Here's the point - true visionary experience is meant to be shared. Art is one way, ceremony or ritual is another. To be given true vision, which is archetypal, collective, and exists on multiple layers of meaning, and then deny it's value, is an enormous waste. So here I am this morning (and I just noticed a single shining transparent spider thread stretching from my window pane to some infinite point into the air..........well, I've been feeling lately that these gifts I need to share, communicate. A blog is a good place to start; maybe someday I can produce a few paintings as well.

PATTERNS

This occurred in 1989. I was driving on an interstate in Virginia heading north. I became very tired, and pulled off the road. Almost immediately, I fell into a half-sleeping, half-trance state.

My little red Toyota pick up began to fly! It seemed as if it could fly not only through distance but perhaps through time as well. I looked down and I was over a green landscape, green and misty. Below I saw patterns of dolmens laid out in a spiral. There were lines of people who were coming up a hill toward that spiral pattern, reverently, as if in a ceremonial procession.
Then I was in a Southwestern landscape. I found myself contemplating petroglyphs on a cliff - spirals, figures, circles, layers of petroglyphs that receded into the rock face. And then I was flying over Los Angeles! I saw freeways making vast, snakelike patterns across the land, culminating in a figure eight infinity sign. What this means to me is that the living Earth, Gaia, speaks through the land, and through us, across the ages - even now, unseen, ever present.

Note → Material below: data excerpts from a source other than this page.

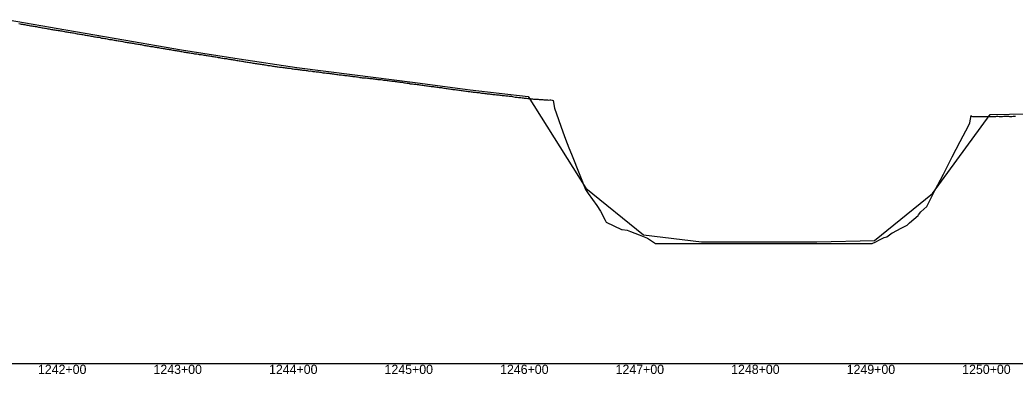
# Model space of a CAD drawing. Extents: x -3793 to 50787, y -1075 to 6138.
# Drawn here: x 11538 to 12399, y 2991 to 3298 of the extents above; entities that cross this region are included whole.
import ezdxf

# ---------------------------------------------------------------- set-up
doc = ezdxf.new("R2010")
doc.units = 0
for name, color, linetype in [('RD_DDB_Profile_EX', 7, 'Continuous'), ('RD_DDB_Profile_PR', 7, 'Continuous'), ('RD_DDB_StaTX', 7, 'Continuous'), ('RD_GPK_Profile_Cell', 7, 'Continuous')]:
    doc.layers.add(name, color=color, linetype=linetype)

msp = doc.modelspace()

# ---------------------------------------------------------------- linework, layer by layer
at = {"layer": 'RD_DDB_Profile_EX'}
for points in [[(11536.652242, 3294.36991), (11537.652092, 3294.15), (11538.655829, 3293.91986), (11539.653933, 3293.79005), (11540.652812, 3293.67002), (11541.654813, 3293.529805), (11542.647632, 3293.279725), (11543.645738, 3293.1), (11544.645586, 3292.95), (11545.649322, 3292.8), (11546.647428, 3292.579775), (11547.725313, 3292.45997), (11548.728588, 3292.21982), (11549.728712, 3292.11989), (11550.72806, 3291.910005), (11551.726314, 3291.729955), (11552.728804, 3291.60999), (11553.728931, 3291.429955), (11554.728272, 3291.23992), (11555.719036, 3291.03996), (11556.721522, 3290.82999), (11557.721653, 3290.66988), (11558.719903, 3290.5), (11559.722391, 3290.320045), (11560.72252, 3290.06035), (11561.721859, 3289.980345), (11562.720098, 3289.9), (11563.722584, 3289.6404), (11564.722715, 3289.4), (11565.722048, 3289.31019), (11566.720278, 3289.09084), (11567.723568, 3288.90076), (11568.715444, 3288.81015), (11569.713679, 3288.75), (11570.716163, 3288.480405), (11571.716296, 3288.340675), (11572.715628, 3288.1409), (11573.713853, 3287.990975), (11574.716335, 3287.78979), (11576.009865, 3287.46152), (11577.002754, 3287.35114), (11578.003685, 3287.230535), (11579.007399, 3287.070245), (11579.999286, 3286.93036), (11581.001219, 3286.78014), (11582.000125, 3286.57021), (11583.003839, 3286.38014), (11583.999548, 3286.239815), (11584.997659, 3286.12992), (11586.001373, 3285.86983), (11587.00028, 3285.65997), (11587.996928, 3285.56971), (11588.9941, 3285.24949), (11589.997814, 3285.08936), (11590.993506, 3284.97924), (11591.991634, 3284.81953), (11592.994412, 3284.688925), (11593.994254, 3284.429295), (11594.990866, 3284.3), (11595.991959, 3284.0096), (11596.991788, 3283.959635), (11597.987464, 3283.728615), (11598.987293, 3283.6), (11599.988407, 3283.46905), (11600.999406, 3283.3), (11601.993282, 3282.997275), (11602.996052, 3282.928255), (11603.995902, 3282.640545), (11604.998672, 3282.60942), (11605.99131, 3282.487575), (11606.99408, 3282.28743), (11607.995203, 3281.83723), (11608.987813, 3281.78713), (11609.990596, 3281.686985), (11610.990433, 3281.514975), (11611.993217, 3281.436985), (11612.984945, 3281.155455), (11613.988588, 3280.91837), (11614.989754, 3280.727405), (11615.989577, 3280.62751), (11616.985112, 3280.55), (11617.984083, 3280.27739), (11618.987732, 3280.14093), (11619.98325, 3279.92692), (11620.491182, 3279.8138)], [(11620.491182, 3279.8138), (11621.485517, 3279.705245), (11622.485183, 3279.522975), (11623.485443, 3279.41809), (11624.487798, 3279.29099), (11625.488058, 3279.1), (11626.480621, 3278.891065), (11627.480287, 3278.62697), (11628.483236, 3278.40893), (11629.482902, 3278.28202), (11630.48585, 3278.05893), (11631.477474, 3278), (11632.475392, 3277.767945), (11633.47834, 3277.658915), (11634.478006, 3277.45), (11635.480954, 3277.3), (11636.48062, 3277.15897), (11637.474933, 3276.976615), (11638.473444, 3276.8), (11639.475811, 3276.65886), (11640.476058, 3276.508895), (11641.478425, 3276.35), (11642.470035, 3276.14688), (11643.470289, 3275.9), (11644.470916, 3275.73536), (11645.471163, 3275.541125), (11646.425702, 3275.4), (11647.424086, 3275.258845), (11648.418672, 3275.126075), (11649.417069, 3274.873855), (11650.420344, 3274.682685), (11651.419426, 3274.55), (11652.421093, 3274.441405), (11653.411748, 3274.28289), (11654.410832, 3274.05856), (11655.414116, 3273.91701), (11656.413202, 3273.71702), (11657.414909, 3273.60844), (11658.405557, 3273.458405), (11659.407955, 3273.10832), (11660.407939, 3273.05), (11661.409684, 3272.85829), (11662.408773, 3272.68341), (11663.241396, 3272.55834), (11663.748903, 3272.508235), (11664.742062, 3272.35), (11665.744382, 3272.174375), (11666.742619, 3271.94185), (11667.745755, 3271.858065), (11668.740776, 3271.71588), (11669.740418, 3271.515955), (11670.743565, 3271.342105), (11671.741818, 3271.2), (11672.737609, 3270.97666), (11673.735871, 3270.842195), (11674.739634, 3270.66899), (11675.742809, 3270.561645), (11676.733682, 3270.254165), (11677.73612, 3270.131825), (11678.735139, 3270.05449), (11679.738909, 3269.76987), (11680.730504, 3269.675155), (11681.732966, 3269.39805), (11682.73545, 3269.333775), (11683.728297, 3269.09875), (11684.730786, 3268.984665), (11685.729083, 3268.86985), (11686.732307, 3268.699535), (11687.723139, 3268.442325), (11688.727609, 3268.26466), (11689.730143, 3268.1295), (11690.728453, 3268.079225), (11691.724199, 3267.951385), (11692.722517, 3267.74422), (11693.726294, 3267.63079), (11694.725297, 3267.523725), (11695.735083, 3267.268225), (11696.738749, 3267.0756), (11697.737703, 3266.96823), (11698.741369, 3266.73913), (11699.73146, 3266.652765), (11700.735125, 3266.52991), (11701.73408, 3266.336505), (11702.730059, 3266.1), (11703.212794, 3266.086715), (11704.215852, 3265.9), (11705.215409, 3265.830075), (11706.210078, 3265.65427), (11707.208375, 3265.517125), (11708.211433, 3265.273905), (11709.21145, 3265.123755), (11710.205647, 3264.93707), (11711.208694, 3264.743585), (11712.207014, 3264.587085), (11713.201647, 3264.430955), (11714.201215, 3264.2372), (11715.204263, 3264.17461), (11716.202595, 3264.02444), (11717.197216, 3263.831155), (11718.199829, 3263.587515), (11719.199831, 3263.48744)], [(11719.199831, 3263.48744), (11720.192787, 3263.33765), (11721.192784, 3263.18136), (11722.195402, 3262.969125), (11723.195399, 3262.887575), (11724.18836, 3262.64389), (11725.191411, 3262.5), (11726.190975, 3262.44389), (11727.194026, 3262.251545), (11728.183933, 3262.069795), (11729.186984, 3261.88203), (11730.186548, 3261.78792), (11731.181087, 3261.626275), (11732.18372, 3261.376435), (11733.182557, 3261.18223), (11734.185608, 3261.026515), (11735.176647, 3260.88241), (11736.179689, 3260.738375), (11737.181215, 3260.621175), (11738.172633, 3260.421275), (11739.175279, 3260.215765), (11740.175249, 3260.071275), (11741.176793, 3259.838605), (11742.168193, 3259.72729), (11743.170844, 3259.627445), (11744.257976, 3259.45517), (11745.25965, 3259.311105), (11746.254321, 3259.17822), (11747.25707, 3258.983785), (11748.251699, 3258.83412), (11749.244917, 3258.67926), (11750.186584, 3258.54486), (11751.182493, 3258.37989), (11752.185762, 3258.24003), (11753.181158, 3258.1), (11754.189346, 3257.995265), (11755.184726, 3257.84537), (11756.188035, 3257.627055), (11757.183844, 3257.47763), (11758.179187, 3257.336895), (11759.182516, 3257.195675), (11760.17785, 3256.995785), (11761.181601, 3256.94167), (11762.176205, 3256.78785), (11763.179569, 3256.64199), (11764.175272, 3256.530555), (11765.170566, 3256.388665), (11766.17395, 3256.242535), (11767.169587, 3256.1), (11768.172984, 3255.989295), (11769.168246, 3255.796545), (11770.171991, 3255.73979), (11771.167232, 3255.68684), (11772.170658, 3255.49027), (11773.166192, 3255.290635), (11774.160866, 3255.187985), (11775.164321, 3254.99409), (11776.16413, 3254.93906), (11777.167879, 3254.88928), (11778.16307, 3254.69231), (11779.16657, 3254.54246), (11780.161983, 3254.35), (11781.165496, 3254.29532), (11782.160653, 3254.19556), (11783.155995, 3254.041625), (11784.159529, 3253.9857), (11785.154644, 3253.792315), (11786.158049, 3253.64255), (11787.153162, 3253.44652), (11788.156736, 3253.29494), (11789.151989, 3253.339085), (11790.155577, 3253.190965), (11791.150655, 3253.043095), (11792.145712, 3252.94498), (11792.82433, 3252.842925), (11793.823599, 3252.74382), (11794.826851, 3252.642915), (11795.821132, 3252.543695), (11796.824393, 3252.44303), (11797.814388, 3252.19315), (11798.811602, 3251.94908), (11799.815098, 3251.8), (11800.805443, 3251.797465), (11801.809036, 3251.74528), (11802.812777, 3251.595625), (11803.807857, 3251.44581), (11804.806695, 3251.394775), (11805.810373, 3251.147015), (11806.805347, 3251.04814), (11807.804278, 3250.947395), (11808.807932, 3250.79676), (11809.802975, 3250.698005), (11810.80671, 3250.49835), (11811.80557, 3250.298675), (11812.800558, 3250.2488), (11813.804268, 3250.14857), (11814.803163, 3250.04821), (11815.798135, 3249.94966), (11816.994233, 3249.771255), (11817.805974, 3249.649865), (11818.796227, 3249.549815)], [(11818.796227, 3249.549815), (11819.800405, 3249.499605), (11820.80459, 3249.34936), (11821.794854, 3249.199295), (11822.79903, 3249.049255), (11823.795047, 3248.898995), (11824.799213, 3248.798845), (11825.797665, 3248.64899), (11826.793666, 3248.54848), (11827.797855, 3248.44831), (11828.796282, 3248.348645), (11829.792316, 3248.198515), (11830.796442, 3248.04838), (11831.794906, 3247.848725), (11832.790946, 3247.798465), (11833.795092, 3247.549175), (11834.36085, 3247.54765), (11835.357229, 3247.497645), (11836.353668, 3247.397345), (11837.357961, 3247.34641), (11838.354411, 3247.09735), (11839.358694, 3246.997235), (11840.355153, 3246.946475), (11841.361477, 3246.845825), (11842.358115, 3246.74548), (11843.342564, 3246.54757), (11844.365169, 3246.49602), (11845.347652, 3246.2), (11846.366163, 3246.147105), (11847.347437, 3246.04847), (11848.367037, 3245.94529), (11849.363708, 3245.89338), (11850.342922, 3245.84391), (11851.346976, 3245.646445), (11852.36126, 3245.495345), (11853.346619, 3245.39715), (11854.342365, 3245.345045), (11855.366538, 3245.14495), (11856.347474, 3244.997825), (11857.373629, 3244.89225), (11858.37035, 3244.793105), (11859.343165, 3244.64643), (11860.371172, 3244.49637), (11861.342779, 3244.39875), (11862.372179, 3244.29746), (11863.368721, 3244.196065), (11864.346432, 3244.05), (11865.369733, 3243.895885), (11866.338123, 3243.701415), (11867.370524, 3243.647135), (11868.343031, 3243.55), (11869.347083, 3243.348475), (11870.34286, 3243.203135), (11871.378522, 3243.148415), (11872.342602, 3242.7614), (11873.338387, 3242.758345), (11874.342441, 3242.708435), (11875.372662, 3242.308645), (11876.377085, 3242.348255), (11877.337981, 3242.155365), (11878.378105, 3241.86806), (11879.38063, 3241.866955), (11880.338809, 3241.86732), (11881.366232, 3241.5711), (11882.37043, 3241.56743), (11883.374308, 3241.37152), (11884.365105, 3241.223545), (11885.368981, 3241.071795), (11886.372947, 3240.971985), (11887.369296, 3240.92244), (11888.367626, 3240.82024), (11889.371823, 3240.56634), (11890.367843, 3240.46251), (11891.36627, 3240.318595), (11892.370467, 3240.17502), (11893.366487, 3240.025525), (11894.370684, 3239.9236), (11895.369009, 3239.7713), (11896.365132, 3239.619525), (11897.369329, 3239.517505), (11898.359833, 3239.41756), (11899.364032, 3239.315495), (11900.367866, 3239.120095), (11901.363993, 3238.970455), (11902.362681, 3238.91579), (11903.366508, 3238.672755), (11904.362905, 3238.475485), (11905.366722, 3238.371025), (11906.365151, 3238.266225), (11907.361555, 3238.17123), (11908.365365, 3238.023785), (11909.364066, 3237.82362), (11910.360089, 3237.719235), (11911.364008, 3237.61937), (11912.367804, 3237.419525), (11913.358736, 3237.372025), (11914.362934, 3237.26726), (11915.358957, 3237.120065), (11916.357384, 3236.972405), (11917.361172, 3236.7276), (11918.357605, 3236.675505)], [(11918.357605, 3236.675505), (11919.376738, 3236.5308), (11920.375363, 3236.3255), (11921.371743, 3236.18107), (11922.37574, 3236.17345), (11923.374369, 3235.981075), (11924.370752, 3235.78417), (11925.374744, 3235.72645), (11925.971078, 3235.63158), (11926.966969, 3235.529375), (11927.96581, 3235.38185), (11928.969593, 3235.274035), (11929.96814, 3235.126525), (11930.971476, 3235.03471), (11931.96766, 3234.882535), (11932.966209, 3234.72962), (11933.969984, 3234.67709), (11934.968833, 3234.582315), (11935.964725, 3234.34371), (11936.963273, 3234.10156), (11937.967047, 3234.09641), (11938.97112, 3233.99947), (11939.96967, 3233.88276), (11940.965563, 3233.7443), (11941.964112, 3233.64951), (11942.968186, 3233.45261), (11943.966735, 3233.446765), (11944.970504, 3233.24704), (11945.961486, 3233.188825), (11946.965255, 3233.047425), (11947.96902, 3233.04209), (11948.967105, 3232.98347), (11949.963307, 3232.792445), (11950.961857, 3232.694985), (11951.965618, 3232.645245), (11952.96417, 3232.40338), (11953.968241, 3232.33959), (11954.964135, 3232.23726), (11955.962686, 3232.18418), (11956.966759, 3232.034395), (11957.96531, 3231.889875), (11958.969066, 3231.74583), (11959.959757, 3231.6959), (11960.96383, 3231.643305), (11961.962381, 3231.54303), (11962.966135, 3231.431735), (11963.962031, 3231.282145), (11965.054879, 3230.85863), (11966.112042, 3230.705265), (11967.049786, 3230.658915), (11968.053504, 3230.562145), (11969.057219, 3230.412435), (11970.048418, 3230.31244), (11971.052134, 3230.256745), (11972.115642, 3230.15988), (11973.051684, 3230.019605), (11974.050264, 3229.869035), (11975.114543, 3229.76917), (11976.050319, 3229.722955), (11977.048897, 3229.619345), (11978.280805, 3229.543715), (11979.048447, 3229.46712), (11980.052665, 3229.320235), (11981.051242, 3229.222585), (11982.046751, 3229.076205), (11983.050458, 3228.920205), (11984.054164, 3228.873355), (11985.044878, 3228.91708), (11985.598014, 3228.88961), (11986.049096, 3228.87319), (11987.052804, 3228.71708), (11988.056512, 3228.67012), (11989.047226, 3228.57288), (11990.050936, 3228.52287), (11991.115713, 3228.38187), (11992.050995, 3228.3825), (11993.049576, 3228.32553), (11994.113482, 3228.37836), (11995.049131, 3228.14402), (11996.053352, 3228.24382), (11997.111568, 3228.32166), (11998.107797, 3228.192215), (11999.092864, 3227.84066), (12000.232434, 3221.21318), (12007.549644, 3200.72147), (12009.852719, 3194.2719), (12012.74671, 3186.77351), (12014.866853, 3181.44025), (12022.184063, 3163.032595), (12027.023819, 3150.856695), (12029.501273, 3147.291335), (12036.818483, 3136.760165), (12040.159552, 3131.95123), (12044.135692, 3124.158525), (12045.05235, 3122.38407), (12051.452902, 3119.29524), (12058.188175, 3116.04544), (12058.770112, 3115.98718), (12063.079715, 3115.55677), (12066.087322, 3114.361955), (12073.404531, 3111.454815)], [(12073.404531, 3111.454815), (12080.792382, 3108.519355), (12087.569175, 3103.95), (12088.038951, 3103.95), (12088.911974, 3103.95), (12093.575737, 3103.95), (12094.488472, 3103.95), (12095.356161, 3103.95), (12102.67337, 3103.95), (12107.565722, 3103.95), (12109.99058, 3103.95), (12117.30779, 3103.95), (12124.625, 3103.95), (12131.942209, 3103.95), (12139.259419, 3103.95), (12146.576629, 3103.95), (12153.893839, 3103.95), (12161.211048, 3103.95), (12168.528258, 3103.95), (12175.845468, 3103.95), (12183.162678, 3103.95), (12190.479887, 3103.95), (12197.797097, 3103.95), (12205.114307, 3103.95), (12212.431517, 3103.95), (12219.748726, 3103.95), (12227.065936, 3103.95), (12234.383146, 3103.95), (12235.095961, 3103.95), (12241.700356, 3103.95), (12249.017566, 3103.95), (12256.334775, 3103.95), (12263.651985, 3103.95), (12270.969195, 3103.95), (12275.22801, 3103.95), (12278.286405, 3105.501115), (12281.555999, 3107.16006), (12285.711233, 3109.05109), (12287.94298, 3109.62094), (12292.581701, 3113.088695), (12292.920824, 3113.267345), (12300.238034, 3117.123625), (12305.482142, 3119.888535), (12307.555244, 3121.735095), (12314.872453, 3128.25292), (12315.357578, 3128.685065), (12317.396575, 3131.313705), (12322.392704, 3135.903065), (12329.506873, 3149.814835), (12336.824083, 3164.12391), (12344.141292, 3178.43322), (12344.483747, 3179.102925), (12351.49971, 3192.330345), (12358.775712, 3206.312755), (12359.818314, 3208.3163), (12360.925095, 3214.820055), (12361.044836, 3214.11483), (12362.092902, 3214.072145), (12363.051072, 3214.072265), (12364.095029, 3214.0708), (12365.052967, 3214.02273), (12366.092922, 3214.016505), (12367.091436, 3214.065685), (12368.085717, 3213.969245), (12369.056986, 3213.921345), (12370.0511, 3213.971205), (12371.089265, 3213.96835), (12372.05322, 3213.96952), (12373.091223, 3214.004035), (12373.410131, 3213.988405), (12374.05513, 3213.956705), (12375.093042, 3213.918255), (12376.087238, 3213.918), (12377.051385, 3213.967185), (12378.089031, 3214.01597), (12379.053305, 3214.016945), (12380.055428, 3214.0176), (12381.084722, 3214.018995), (12382.092476, 3214.067115), (12383.086358, 3214.11489), (12384.086787, 3214.11211), (12385.088225, 3214.06263), (12386.082105, 3214.012185), (12387.089866, 3213.963805), (12388.083968, 3214.063385), (12389.057462, 3214.111455), (12390.085453, 3214.212495), (12391.092919, 3214.212185), (12392.156326, 3214.21107), (12393.156648, 3214.215005), (12394.156751, 3214.072325), (12395.361761, 3214.071605), (12396.15844, 3214.074505), (12397.158473, 3214.126655), (12398.152446, 3214.175745), (12399.160078, 3214.27357)]]:
    msp.add_lwpolyline(points, dxfattribs=at)
at = {"layer": 'RD_DDB_Profile_PR'}
msp.add_lwpolyline([(11527.33, 3297.583), (11577.33, 3288.9115), (11627.33, 3280.2665), (11677.33, 3271.7815), (11727.33, 3263.8265), (11777.33, 3256.457), (11827.33, 3250.095), (11877.33, 3243.757), (11927.33, 3237.076), (11977.33, 3231.202), (12027.33, 3152.016), (12077.33, 3111.495), (12127.33, 3105.55), (12177.33, 3105.55), (12227.33, 3105.55), (12277.33, 3106.616), (12327.33, 3147.158), (12377.33, 3215.5805), (12427.33, 3216.5915)], dxfattribs=at)
at = {"layer": 'RD_GPK_Profile_Cell'}
msp.add_line((1000, 3000), (46549.603806, 3000), dxfattribs=at)

# ---------------------------------------------------------------- texts
at = {"layer": 'RD_DDB_StaTX'}
for s, p in [('1242+00', (11553.125471, 2991)), ('1242+00', (11553.125471, 2991)), ('1243+00', (11653.125471, 2991)), ('1243+00', (11653.125471, 2991)), ('1244+00', (11753.125471, 2991)), ('1244+00', (11753.125471, 2991)), ('1245+00', (11853.125471, 2991)), ('1245+00', (11853.125471, 2991)), ('1246+00', (11953.125471, 2991)), ('1246+00', (11953.125471, 2991)), ('1247+00', (12053.125471, 2991)), ('1247+00', (12053.125471, 2991)), ('1248+00', (12153.125471, 2991)), ('1248+00', (12153.125471, 2991)), ('1249+00', (12253.125471, 2991)), ('1249+00', (12253.125471, 2991)), ('1250+00', (12353.125471, 2991)), ('1250+00', (12353.125471, 2991))]:
    msp.add_text(s, height=8, dxfattribs=at).set_placement(p)

doc.saveas('drawing.dxf')

And then I opened my eyes to a soft Virginia morning. In the "Song of Medusa" (with the voice of my character "Sibyl") I described that vision, from the imaginary perspective of a Neolithic shaman):

"I do not know the meaning of such a vision; perhaps it belongs to some distant past or a future beyond imagining. But I do believe this: the Song of Her purposes is written upon the land in all places, and in all times."

THE SONG OF MEDUSA, Lauren Raine & Duncan Eagleson


WHITE TARA

This vision came with help from a teacher of mine, Jewel. Jewel is a true shaman, who lives on her land which she has developed as a teaching center, THE SOURCE, in Shutesbury, Massachusetts. When I met Jewell I was living in Brattleboro, Vermont. I was divorcing from my former husband, Duncan, and was full of the grief, anger, and remorse that comes with the ending of a marriage.

I went to see Jewell for an energy healing. When she put me on her table, she said prayers before she began.

I slipped into a trance state - it seemed as if I was watching short clips from movies, without any sound. I saw African men drumming around a fire, then the body of an emaciated black woman lying on a bed, a ceremonial room of some kind with thousands of orange marigolds, a white man, balding and heavyset with glasses, and many more.

At some point, I felt I was pulled backward, given some distance, so that these "movie clips" became like a patchwork quilt, all occurring at once. I remember thinking how beautiful they were from that perspective.

Suddenly, a Great Being arrived. I cannot actually describe that presence, because there was no form - she was composed of light. The only identification I felt I could make was that she was female. She didn't speak to me, only radiated the most intense compassion I have ever felt. She also radiated a profound sense of humor! It was as if she was saying, "Look Lauren, take a good look at this. It's going to be alright. You'll meet again. Don't take on so."

I shall never forget the power of that radiant being. I later learned that Jewell begins her sessions with prayers to the Goddess Tara. And to me, that was the Goddess White Tara; which is why I have prayed to her and tried to honor her with my masks ever since. And,come to think of it. I've been very fortunate in that way!